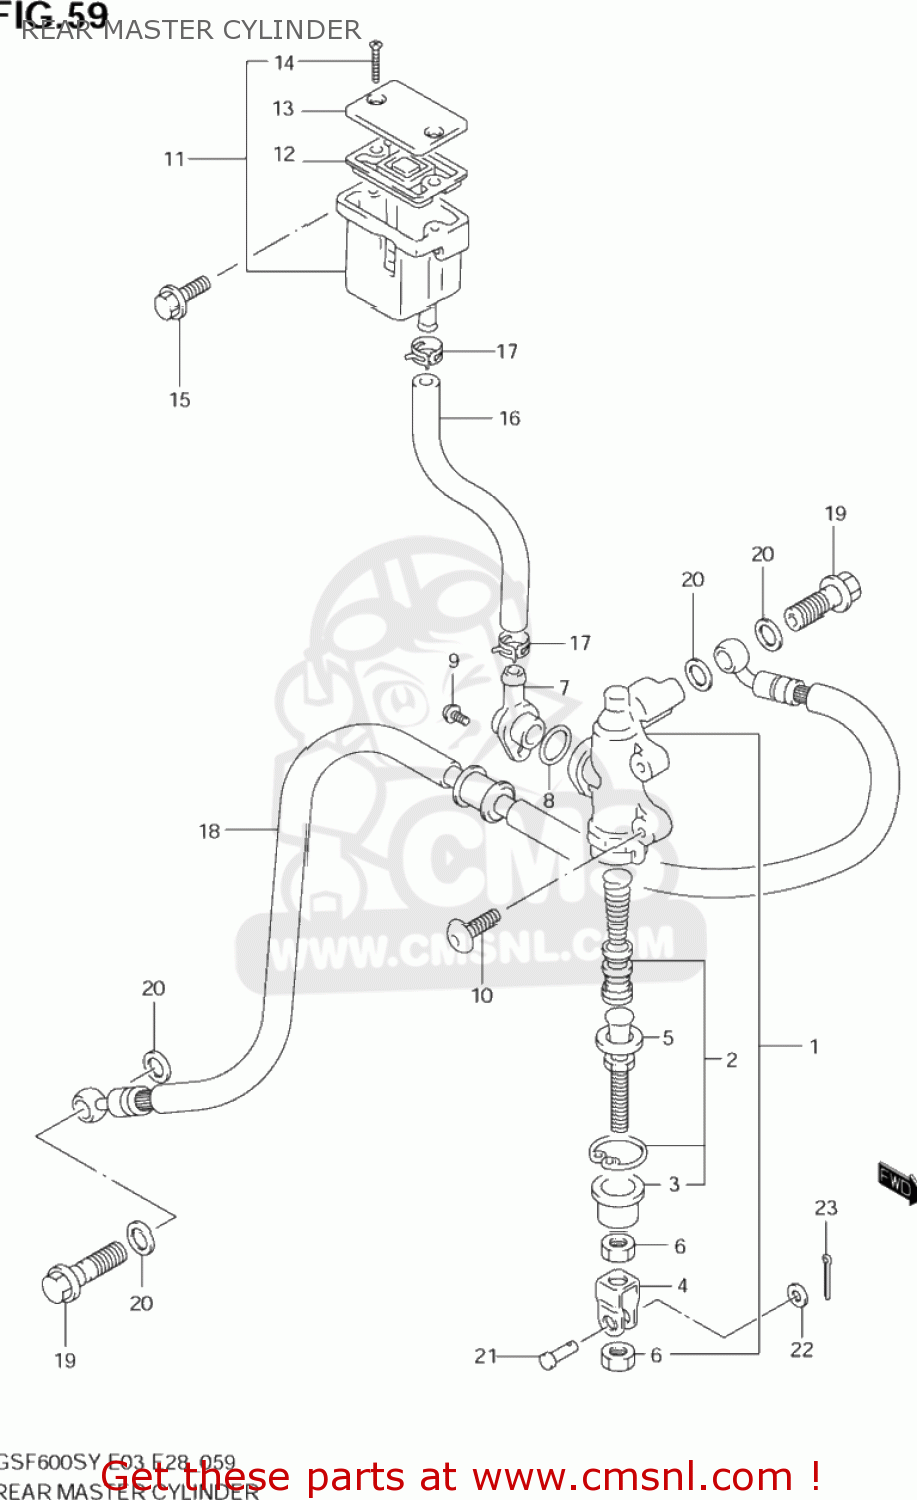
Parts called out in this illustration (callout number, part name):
1	CYLINDER ASSY,RR MASTER
2	PISTON/CUP SET
3	BOOT
4	YOKE
5	ROD,PUSH
6	NUT
7	CONNECTOR
8	O RING
9	SCREW
10	BOLT 8X20
11	TANK ASSY,RESERVOIR
12	DIAPHRAGM
13	CAP
14	SCREW
15	BOLT
16	HOSE,RR RESERVOIR TANK
17	CLIP
18	HOSE,REAR BRAKE
19	BOLT UNION
20	WASHER(10X15X1.5)
21	PIN
22	WASHER
23	PIN

===============

### [Problem]
Count every line of the listing that includes the word "ASSY", then give that count and no other words.

### [Answer to this task]
2